His initial contacts with the unions were unsuccessful, but he was eventually recruited by Jan Theron and Oscar Mpetha as a volunteer organiser for the unregistered African Food and Canning Workers Union in Johannesburg. Aggett played a significant role in the Fattis and Monis strike of 1980. This not only signified solidarity between coloured and African workers, but drew in students, community groups and even traders, and after six months forced the company into an historic agreement that admitted recognition. The Wilson Rowntree strike was to follow. Such pressure sounded the eventual death-knell of the liaison committees and industrial councils used by government and employers to minimise employees’ rights. At the time of his death Aggett was involved in the process of convergence between the political unions and the workerist affiliates of the Federation of South African Trade Unions.
Aggett’s medical and union roles showed exemplary service in the cause of oppressed people. Having worked nights at Baragwanath Hospital (he was an expert on emergency resuscitation), he then spent his days on union work, an extraordinarily punishing lifestyle. This was the world of the Left in which personal life was often, and unreasonably, seen as an indulgence. Such dedication led some to believe mistakenly that Aggett was a Communist and working as an underground operative. A humble, introspective and altruistic person, he moved, in the view of his biographer Beverley Naidoo, beyond the boundary of the white South African Left and was becoming assimilated into the life of the African working class. This could have been a reason why he was of such particular interest to a paranoid police security branch obsessed by a supposed mass conspiracy waiting for exposure.
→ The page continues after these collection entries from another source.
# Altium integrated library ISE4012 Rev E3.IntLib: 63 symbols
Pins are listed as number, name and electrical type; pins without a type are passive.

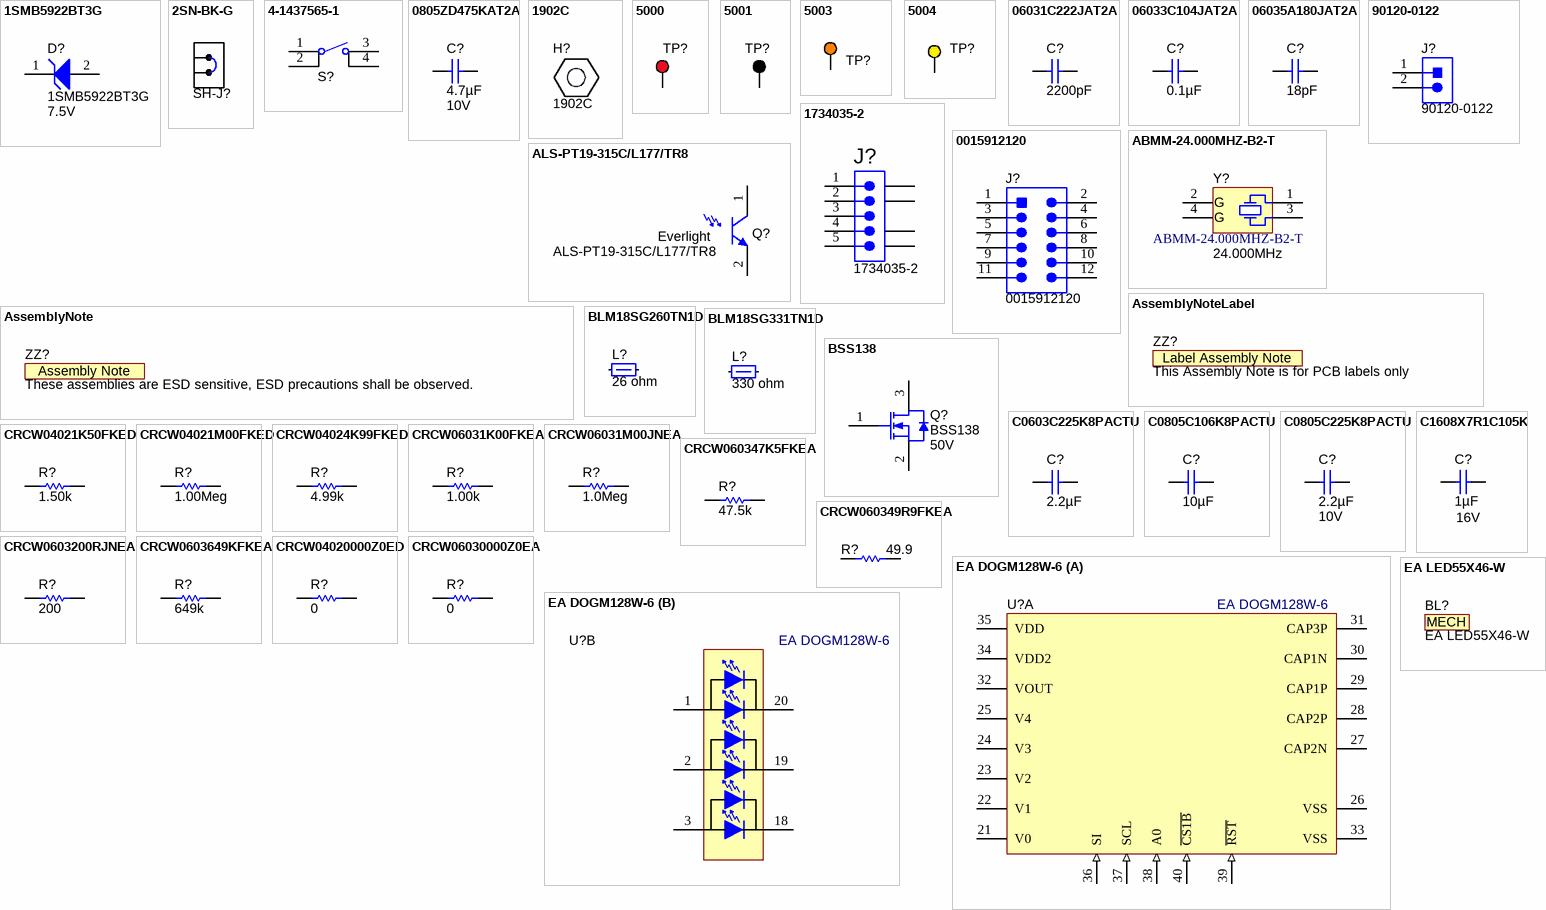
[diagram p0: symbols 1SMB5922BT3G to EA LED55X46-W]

## 1SMB5922BT3G
designator D?  value 7.5V
Diode, Zener, 7.5V, 550mW, SMB; Manufacturer: ON Semiconductor; U/M: EA; Power_W: 0.55; Vz_V: 7.5; Value1: 0.55W; RJA_CperW: 226
signal-integrity model Diode
simulation model 1smb5922bt3
footprint SMB
pins: 1 K, 2 A

## 2SN-BK-G
designator SH-J?  (value not drawn)
Shunt, 2mm, Gold plated, Black; Manufacturer: Samtec; Value: 1x2; Note: You can "mate" this to a header by matching the designator.  i.e. use SH-J3 for header J3
footprint 2SN-BK-G

## 4-1437565-1
designator S?  (value not drawn)
Switch, Tactile, SPST-NO, 0.05A, 12V, SMT; Manufacturer: TE Connectivity; SymbolCreator: a0412235; VDC_V: 12; SwitchFunction: Off-Mom; PositionCount: 1; CurrentRating_mA: 50
footprint SW_FSM4JSMA
pins: 1, 2, 3, 4

## 0805ZD475KAT2A
designator C?  ValueDisplayed: 4.7µF  Value2: 10V  (hidden comment: 0805ZD475KAT2A)
CAP, CERM, 4.7uF, 10V, +/-10%, X5R, 0805; Manufacturer: AVX; Polarized: N; CompType: Capacitor; U/M: EA; Cap_F: 0.0000047; Tolerance_%: 10; ESR_Ohm: 0.007; Value1: 0.007 ohm; TaMin_C: -55; TaMax_C: 85; Cap_Case: 0805
signal-integrity model Cap
simulation model Cap
footprint 0805_HV
footprint 0805
footprint 0805M
footprint 0805L
pins: 1, 2

## 1902C
designator H?
Standoff, Hex, 0.5"L #4-40 Nylon; Manufacturer: Keystone; CompType: Hardware
footprint Keystone_1902C

## 5000
designator TP?  (value not drawn)
Test Point, Miniature, Red, TH; Manufacturer: Keystone; CompType: Test Point Loop; U/M: EA
footprint Keystone5000
pins: 1

## 5001
designator TP?, comment 5000  (value not drawn)
Test Point, Miniature, Black, TH; PartNumber: 5001; Manufacturer: Keystone; CompType: Test Point Loop; U/M: EA
footprint Keystone5001
footprint Keystone5000
pins: 1

## 5003
designator TP?  (value not drawn)
Test Point, Miniature, Orange, TH; Manufacturer: Keystone; CompType: Test Point Loop; U/M: EA
footprint Keystone5003
pins: 1

## 5004
designator TP?  (value not drawn)
Test Point, Miniature, Yellow, TH; Manufacturer: Keystone; CompType: Test Point Loop; U/M: EA
footprint Keystone5004
pins: 1

## 06031C222JAT2A
designator C?  ValueDisplayed: 2200pF  (hidden comment: 06031C222JAT2A)
CAP, CERM, 2200pF, 100V, +/-5%, X7R, 0603; Manufacturer: AVX; Polarized: N; CompType: Capacitor; U/M: EA; Cap_F: 0.0000000022; Tolerance_%: 5; ESR_Ohm: 0.192; Value1: 0.192 ohm; VDC_V: 100; TaMin_C: -55; TaMax_C: 125; Cap_Case: 0603
signal-integrity model Cap
simulation model Cap
footprint 0603
footprint 0603M
footprint 0603L
footprint 0603_HV
pins: 1, 2

## 06033C104JAT2A
designator C?  ValueDisplayed: 0.1µF  (hidden comment: 06033C104JAT2A)
CAP, CERM, 0.1uF, 25V, +/-5%, X7R, 0603; Manufacturer: AVX; Polarized: N; CompType: Capacitor; U/M: EA; Cap_F: 0.0000001; Tolerance_%: 5; ESR_Ohm: 0.05; Value1: 0.05 ohm; VDC_V: 25; TaMin_C: -55; TaMax_C: 125; Cap_Case: 0603
signal-integrity model Cap
simulation model Cap
footprint 0603
footprint 0603M
footprint 0603L
footprint 0603_HV
pins: 1, 2

## 06035A180JAT2A
designator C?  ValueDisplayed: 18pF  (hidden comment: 06035A180JAT2A)
CAP, CERM, 18pF, 50V, +/-5%, C0G/NP0, 0603; Manufacturer: AVX; Polarized: N; CompType: Capacitor; U/M: EA; Cap_F: 0.000000000018; Tolerance_%: 5; ESR_Ohm: 0.289; Value1: 0.289 ohm; VDC_V: 50; TaMin_C: -55; TaMax_C: 125; Cap_Case: 0603
signal-integrity model Cap
simulation model Cap
footprint 0603
footprint 0603M
footprint 0603L
footprint 0603_HV
footprint 0603S
pins: 1, 2

## 90120-0122
designator J?
Header, 100mil, 2x1, Tin plated, TH; Manufacturer: Molex; SymbolCreator: a0412235; U/M: EA
footprint CONN_90120-0122
pins: 1, 2
1 alternate drawing of the same symbol

## 1734035-2
designator J?
Connector, Receptacle, Mini-USB Type B, R/A, Top Mount SMT; Manufacturer: TE Connectivity; SymbolCreator: A0412235; U/M: EA
footprint CONN_USB-Mini-B-1734035-2
pins: 1, 2, 3, 4, 5, 6 GND, 7 GND, 8 GND, 9 GND

## 0015912120
designator J?
Header, 6x2, 100mil, SMT; Manufacturer: Molex; SymbolCreator: a0412235; U/M: EA
footprint MOLEX_0015912120
pins: 1, 2, 3, 4, 5, 6, 7, 8, 9, 10, 11, 12
1 alternate drawing of the same symbol

## ABMM-24.000MHZ-B2-T
designator Y?  Frequency: 24.000MHz
Crystal, 24.000MHz, 18pF, SMD; Manufacturer: Abracon Corportation; SymbolCreator: a0412235; U/M: EA; TaMin_C: -20; TaMax_C: 70; Frequency Stability: ±50ppm
footprint Abracon_ABMM
pins: 1, 2 GND (power), 3, 4 GND (power)

## ALS-PT19-315C/L177/TR8
designator Q?  Manufacturer: Everlight  (hidden comment: ALS-PT19-315C/L177/TR8)
AMBIENT LIGHT SENSOR, SMD; Symbol Creator: a0411947
footprint ALS-PT19-315C-L177-TR8
pins: 1 C, 2 E

## AssemblyNote
designator ZZ?, comment These assemblies are ESD sensitive, ESD precautions shall be observed.  (no BOM)
SymbolCreator: codlsc; CompType: AssemblyNote
footprint AssemblyNote

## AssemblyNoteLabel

The apartheid state believed, perversely and tragically, that it could kill ideas by killing people. Aggett was not the first victim. Apartheid had already murdered Ahmed Timol in 1971, Steve Biko in 1977 and Rick Turner in 1979; and would do the same to Matthew Goniwe in 1985 and David Webster in 1989. What they all had in common was a single-minded commitment to the ideals of a free and democratic society and their achievement through non-violent organisation and peaceful persuasion.
Aggett’s world was cerebral, but his thinking led him into remarkable practical action in the inter-connected worlds of medicine and worker organisation: praxis in the terminology of the Left. As a poster said at his funeral, he died for his ideals: ‘lived for his country; died in detention’. But perhaps David Dison moves closer to the truth: ‘Honesty killed him’.
In a world of largely orthodox thought and rampant dishonesty of various hues, Aggett’s short but ultimately influential life requires and deserves lasting commemoration and reflection.
This article was first published in The Witness on 7 October 2013 and entitled ‘Honesty killed him’.
Further reading: Beverley Naidoo, Death of an Idealist: In Search of Neil Aggett (Johannesburg: Jonathan Ball, 2012).